Professor Little received her Bachelor of Science with Honours at the University of Queensland in 1984 and was awarded the University Medal. She completed her PhD, investigating the molecular aetiology of nephroblastoma and other childhood tumors, at the University of Queensland in 1989. Professor Little was initially a cancer geneticist, studying the genes and pathways that lead to the formation of Wilm’s Tumor, first at the MRC Human Genetics Unit of Western General Hospital in Edinburgh, in Scotland from 1990-92 followed by her return to the University of Queensland in Brisbane in 1992. She became a Project leader in 1995, and since then, Professor Little’s research has focused on the molecular basis of kidney development, renal disease and repair.

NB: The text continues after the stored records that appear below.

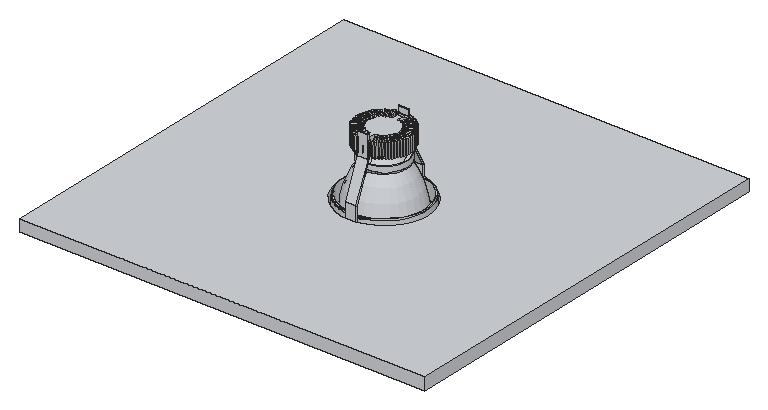
Revit family "VPX143 Downlighter", category Lighting Fixtures, Revit 2014
Parameters (values of type "VPX143")
  Wattage Comments = "19.5"
  Wattage = 19.5 W
  built-in parameter 1150110 = 1 (stored number, unit not read)
  Type Comments = "Recessed"
  Type = "VPX143"
  built-in parameter 1114217 = 1 (stored number, unit not read)
  built-in parameter 1150109 = 1 (stored number, unit not read)
  built-in parameter 1150134 = (empty or 0)
  built-in parameter 1150113 = 1 (stored number, unit not read)
  O/A Diameter (mm) = "143"
  Model = "VPX143"
  Manufacturer = "Designed Architectural Lighting"
  Luminous flux of luminaire (lm) = "2000"
  Lumens = 1998.75 lm
  built-in parameter 1150115 = 1 (stored number, unit not read)
  built-in parameter 1150105 = 636.22 (stored number, unit not read)
  Light Source Symbol Size = 609.6 mm
  built-in parameter 1150137 = (empty or 0)
  built-in parameter 1150139 = (empty or 0)
  built-in parameter 1150112 = 1 (stored number, unit not read)
  built-in parameter 1150114 = 1 (stored number, unit not read)
  Lamp = "LED"
  built-in parameter 1150132 = (empty or 0)
  built-in parameter 1150102 = (empty or 0)
  built-in parameter 1150138 = (empty or 0)
  built-in parameter 1150107 = 3000 (stored number, unit not read)
  built-in parameter 1150106 = 6.3622 (stored number, unit not read)
  Height (mm) = "125"
  built-in parameter 1150104 = 9.5226 (stored number, unit not read)
  Dimming Lamp Color Temperature Shift = <None>
  Description = "Recessed low brightness LED downlighter"
  Cut Out (mm) = "131"
  Colour temperature (K) = "27000/3000/3500/4000"
  Color Filter = 16777215
  CRI = "80"
  built-in parameter 1114218 = 1 (stored number, unit not read)
  built-in parameter 1150133 = 10 (stored number, unit not read)
  Apparent Load = 19.5 VA
  Aperture (mm) = "100"
Reference planes
  plane 1 "Light Source Axis (F/B)": y = 0
  plane 2: z = 0
  plane 3 "Light Source Axis (L/R)": x = 0
  plane 4 "Light Source Elevation": z = 0
Forms (mm)
  Revolve 1, solid
    sketch origin (0, 0, 0) x (0, 1, 0) y (0, 0, 1)
      loop
        line (32.218, 76.537) -> (28.444, 76.537)
        arc (28.444, 76.537) -> (26.215, 75.748) -> (24.979, 73.732) r 3.542
        arc (24.979, 73.732) -> (15.057, 61.32) -> (0, 56.241) r 28.205
        line (0, 56.241) -> (0, 53.625)
        arc (0, 53.625) -> (17.499, 59.158) -> (28.444, 73.891) r 29.818
        line (28.444, 73.891) -> (32.218, 73.891) -> (32.218, 76.537)
      axis (0, 76.537) -> (0, 53.625)
    angle from 0 to 360
  Extrusion 2, solid
    sketch origin (1.875, -0.625, 0) x (1, 0, 0) y (0, 1, 0)
      loop
        line (-8.491, -38.066) -> (-8.491, -39.735) -> (6.509, -39.735) -> (6.509, -38.066) -> (-8.491, -38.066)
    from 92.996 to 125.22
  Extrusion 3, solid
    sketch origin (2.075, 80.578, 0) x (1, 0, 0) y (0, 1, 0)
      loop
        line (-9.083, -44.263) -> (-9.083, -45.652) -> (5.917, -45.652) -> (5.917, -44.263) -> (-9.083, -44.263)
    from 92.996 to 126.242
  Extrusion 4, solid
    sketch origin (2.075, -30.991, 0) x (1, 0, 0) y (0, 1, 0)
      loop
        line (-8.69, -30.82) -> (-8.69, -32.379) -> (6.31, -32.379) -> (6.31, -30.82) -> (-8.69, -30.82)
    from 3.8 to 40.975
  Extrusion 5, solid
    sketch origin (2.075, -21.759, 34.16) x (1, 0, 0) y (0, 0.914866, -0.403758)
      loop
        line (-8.69, -39.191) -> (-8.69, -40.839) -> (6.31, -40.839) -> (6.31, -39.191) -> (-8.69, -39.191)
    from -10.751 to 47.238
  Extrusion 6, solid
    sketch origin (2.075, 94.051, 69.507) x (1, 0, 0) y (0, 0.889554, 0.45683)
      loop
        line (-9.083, -40.714) -> (-9.083, -41.951) -> (5.917, -41.951) -> (5.917, -40.714) -> (-9.083, -40.714)
    from -11.237 to 48.07
  Extrusion 7, solid
    sketch origin (2.075, 110.905, 0) x (1, 0, 0) y (0, 1, 0)
      loop
        line (-9.083, -47.907) -> (-9.083, -49.183) -> (5.917, -49.183) -> (5.917, -47.907) -> (-9.083, -47.907)
    from 3.8 to 40.975
  Revolve 8, solid
    sketch origin (-0.002, -0.001, 0) x (0, 1, 0) y (0, 0, 1)
      loop
        line (51.509, 0) -> (61.509, 0) -> (61.509, 1.419) -> (53.446, 1.419)
        arc (53.446, 1.419) -> (47.529, 38.453) -> (29.678, 71.437) r 111.611
        arc (29.678, 71.437) -> (29.923, 72.028) -> (30.514, 72.273) r 0.836
        line (30.514, 72.273) -> (33.262, 72.273)
        arc (33.262, 72.273) -> (34.281, 72.91) -> (34.679, 74.044) r 1.816
        line (34.679, 74.044) -> (34.679, 82.273) -> (33.262, 82.273) -> (33.262, 73.732) -> (29.268, 73.732)
        arc (29.268, 73.732) -> (28.406, 72.748) -> (27.978, 71.512) r 3.409
        arc (27.978, 71.512) -> (46.014, 37.819) -> (51.509, 0) r 110.622
      axis (0, 82.273) -> (0, 0)
    angle from 0 to 360
  Revolve 9, solid
    sketch origin (0, -0.008, 0) x (0, 1, 0) y (0, 0, 1)
      loop
        line (71.987, 0) -> (71.987, 2.117) -> (63.944, 2.117) -> (63.944, 3.8) -> (61.663, 3.8) -> (61.663, 24.673) -> (60.84, 24.673) -> (60.84, 26.768) -> (59.68, 26.768) -> (59.68, 1.768) -> (61.999, 1.768) -> (61.999, 0) -> (71.987, 0)
      axis (0, 26.768) -> (0, 0)
    angle from 0 to 360
  Extrusion 10, solid
    sketch origin (-38.915, -66.166, 2.266) x (1, 0, 0) y (0, 1, 0)
      loop
        line (-261.085, 366.181) -> (-261.085, -233.819) -> (338.915, -233.819) -> (338.915, 366.181) -> (-261.085, 366.181)
      loop
        circle (38.915, 66.181) r 65.5
    from 0 to 18
  Revolve 11, solid
    sketch origin (0, 0, 0) x (0, 1, 0) y (0, 0, 1)
      loop
        line (32.58, 77.504) -> (25.618, 77.504) -> (19.543, 86.509)
        arc (19.543, 86.509) -> (19.242, 88.412) -> (20.857, 89.461) r 1.768
        line (20.857, 89.461) -> (27.065, 89.461)
        arc (27.065, 89.461) -> (28.652, 90.036) -> (29.779, 91.291) r 3.466
        line (29.779, 91.291) -> (29.779, 96.291) -> (28.776, 96.291) -> (28.776, 92.372)
        arc (28.776, 92.372) -> (28.206, 90.996) -> (26.83, 90.426) r 1.946
        line (26.83, 90.426) -> (20.734, 90.426)
        arc (20.734, 90.426) -> (18.503, 89.004) -> (18.665, 86.364) r 2.606
        line (18.665, 86.364) -> (25.283, 76.552) -> (32.58, 76.552) -> (32.58, 77.504)
      axis (0, 96.291) -> (0, 76.552)
    angle from 0 to 360
  Extrusion 12, solid
    sketch origin (0.632, -2.118, 0) x (0, 1, 0) y (-1, 0, 0)
      loop
        line (8.036, -21.346) -> (9.763, -25.224)
        arc (9.763, -25.224) -> (9.158, -26.377) -> (9.105, -27.677) r 2.965
        line (9.105, -27.677) -> (12.96, -37.219)
        arc (12.96, -37.219) -> (13.673, -37.522) -> (13.976, -36.809) r 0.548
        line (13.976, -36.809) -> (10.23, -27.537)
        arc (10.23, -27.537) -> (10.843, -26.092) -> (12.288, -26.705) r 1.11
        line (12.288, -26.705) -> (16.28, -35.672)
        arc (16.28, -35.672) -> (17.02, -35.956) -> (17.304, -35.216) r 0.56
        line (17.304, -35.216) -> (13.182, -25.959)
        arc (13.182, -25.959) -> (12.31, -24.958) -> (11.028, -24.618) r 2.262
        line (11.028, -24.618) -> (9.403, -20.596) -> (11.989, -19.445) -> (14.463, -22.849)
        arc (14.463, -22.849) -> (14.111, -24.102) -> (14.33, -25.385) r 2.965
        line (14.33, -25.385) -> (20.084, -33.917)
        arc (20.084, -33.917) -> (20.845, -34.065) -> (20.992, -33.305) r 0.548
        line (20.992, -33.305) -> (15.4, -25.014)
        arc (15.4, -25.014) -> (15.7, -23.474) -> (17.241, -23.773) r 1.11
        line (17.241, -23.773) -> (23.009, -31.713)
        arc (23.009, -31.713) -> (23.792, -31.837) -> (23.916, -31.055) r 0.56
        line (23.916, -31.055) -> (17.96, -22.857)
        arc (17.96, -22.857) -> (16.899, -22.059) -> (15.574, -21.994) r 2.262
        line (15.574, -21.994) -> (13.148, -18.397) -> (15.119, -16.427) -> (18.389, -19.585)
        arc (18.389, -19.585) -> (18.26, -20.88) -> (18.699, -22.105) r 2.965
        line (18.699, -22.105) -> (25.847, -29.508)
        arc (25.847, -29.508) -> (26.622, -29.522) -> (26.635, -28.747) r 0.548
        line (26.635, -28.747) -> (19.689, -21.554)
        arc (19.689, -21.554) -> (19.716, -19.985) -> (21.285, -20.012) r 1.11
        line (21.285, -20.012) -> (28.346, -26.83)
        arc (28.346, -26.83) -> (29.138, -26.816) -> (29.124, -26.024) r 0.56
        line (29.124, -26.024) -> (21.835, -18.985)
        arc (21.835, -18.985) -> (20.652, -18.383) -> (19.335, -18.549) r 2.262
        line (19.335, -18.549) -> (16.322, -15.429) -> (18.148, -13.304) -> (21.857, -15.622)
        arc (21.857, -15.622) -> (22.001, -16.916) -> (22.684, -18.023) r 2.965
        line (22.684, -18.023) -> (31.216, -23.778)
        arc (31.216, -23.778) -> (31.976, -23.63) -> (31.828, -22.87) r 0.548
        line (31.828, -22.87) -> (23.538, -17.278)
        arc (23.538, -17.278) -> (23.238, -15.737) -> (24.779, -15.438) r 1.11
        line (24.779, -15.438) -> (33.102, -20.639)
        arc (33.102, -20.639) -> (33.874, -20.461) -> (33.696, -19.689) r 0.56
        line (33.696, -19.689) -> (25.103, -14.319)
        arc (25.103, -14.319) -> (23.821, -13.977) -> (22.567, -14.412) r 2.262
        line (22.567, -14.412) -> (18.971, -11.987) -> (20.87, -9.394) -> (24.954, -10.962)
        arc (24.954, -10.962) -> (25.341, -12.204) -> (26.224, -13.161) r 2.965
        line (26.224, -13.161) -> (35.697, -17.182)
        arc (35.697, -17.182) -> (36.415, -16.892) -> (36.125, -16.174) r 0.548
        line (36.125, -16.174) -> (26.92, -12.267)
        arc (26.92, -12.267) -> (26.332, -10.811) -> (27.787, -10.224) r 1.11
        line (27.787, -10.224) -> (36.95, -13.741)
        arc (36.95, -13.741) -> (37.673, -13.419) -> (37.351, -12.695) r 0.56
        line (37.351, -12.695) -> (27.891, -9.063)
        arc (27.891, -9.063) -> (26.567, -8.972) -> (25.42, -9.639) r 2.262
        line (25.42, -9.639) -> (21.427, -7.944) -> (22.262, -3.209) -> (24.741, -3.209)
        arc (24.741, -3.209) -> (29.592, -5.948) -> (34.984, -7.347) r 21.462
        line (34.984, -7.347) -> (36.065, -8.428) -> (39.133, -8.428) -> (39.133, -7.36) -> (36.601, -7.36) -> (36.601, 7.64) -> (39.186, 7.64) -> (39.186, 8.514) -> (36.351, 8.514) -> (34.984, 7.592) -> (34.984, -2.408)
        arc (34.984, -2.408) -> (34.341, -3.853) -> (32.76, -3.798) r 1.415
        line (32.76, -3.798) -> (31.024, -2.537) -> (31.024, 3.409) -> (22.339, 3.409) -> (21.555, 7.853) -> (25.597, 9.568)
        arc (25.597, 9.568) -> (26.744, 8.901) -> (28.067, 8.992) r 2.262
        line (28.067, 8.992) -> (37.528, 12.624)
        arc (37.528, 12.624) -> (37.85, 13.348) -> (37.126, 13.67) r 0.56
        line (37.126, 13.67) -> (27.963, 10.153)
        arc (27.963, 10.153) -> (26.508, 10.741) -> (27.096, 12.196) r 1.11
        line (27.096, 12.196) -> (36.301, 16.103)
        arc (36.301, 16.103) -> (36.591, 16.821) -> (35.873, 17.111) r 0.548
        line (35.873, 17.111) -> (26.4, 13.09)
        arc (26.4, 13.09) -> (25.518, 12.133) -> (25.13, 10.891) r 2.965
        line (25.13, 10.891) -> (21.047, 9.323) -> (19.147, 11.916) -> (22.744, 14.341)
        arc (22.744, 14.341) -> (23.997, 13.906) -> (25.279, 14.248) r 2.262
        line (25.279, 14.248) -> (33.873, 19.618)
        arc (33.873, 19.618) -> (34.051, 20.39) -> (33.279, 20.568) r 0.56
        line (33.279, 20.568) -> (24.955, 15.367)
        arc (24.955, 15.367) -> (23.415, 15.666) -> (23.714, 17.207) r 1.11
        line (23.714, 17.207) -> (32.005, 22.799)
        arc (32.005, 22.799) -> (32.152, 23.559) -> (31.392, 23.707) r 0.548
        line (31.392, 23.707) -> (22.861, 17.952)
        arc (22.861, 17.952) -> (22.177, 16.845) -> (22.034, 15.551) r 2.965
        line (22.034, 15.551) -> (18.324, 13.233) -> (16.498, 15.358) -> (19.512, 18.478)
        arc (19.512, 18.478) -> (20.828, 18.312) -> (22.011, 18.914) r 2.262
        line (22.011, 18.914) -> (29.3, 25.953)
        arc (29.3, 25.953) -> (29.314, 26.745) -> (28.522, 26.759) r 0.56
        line (28.522, 26.759) -> (21.462, 19.941)
        arc (21.462, 19.941) -> (19.893, 19.914) -> (19.865, 21.483) r 1.11
        line (19.865, 21.483) -> (26.812, 28.676)
        arc (26.812, 28.676) -> (26.798, 29.451) -> (26.024, 29.437) r 0.548
        line (26.024, 29.437) -> (18.875, 22.034)
        arc (18.875, 22.034) -> (18.437, 20.809) -> (18.566, 19.514) r 2.965
        line (18.566, 19.514) -> (15.419, 16.475) -> (13.325, 18.326) -> (15.751, 21.923)
        arc (15.751, 21.923) -> (17.076, 21.988) -> (18.136, 22.786) r 2.262
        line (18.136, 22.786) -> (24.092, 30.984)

Professor Little has over 140 publications in high impact journals including Science, Nature Genetics, Nature Cell Biology, Cell Stem Cell, Cell Developmental Cell, PNAS, JASN and Development. She is internationally recognised both for her work on the systems biology of kidney development and for her pioneering studies into potential regenerative therapies in the kidney. Her work has encompassed the characterisation of adult stem cells in the kidney as well as analyses of the embryonic progenitor population. More recently, her work on the developing kidney has driven studies into the recreation of nephron stem cells via the transcriptional reprogramming of adult cells and the directed differentiation of human stem cells into kidney organoids.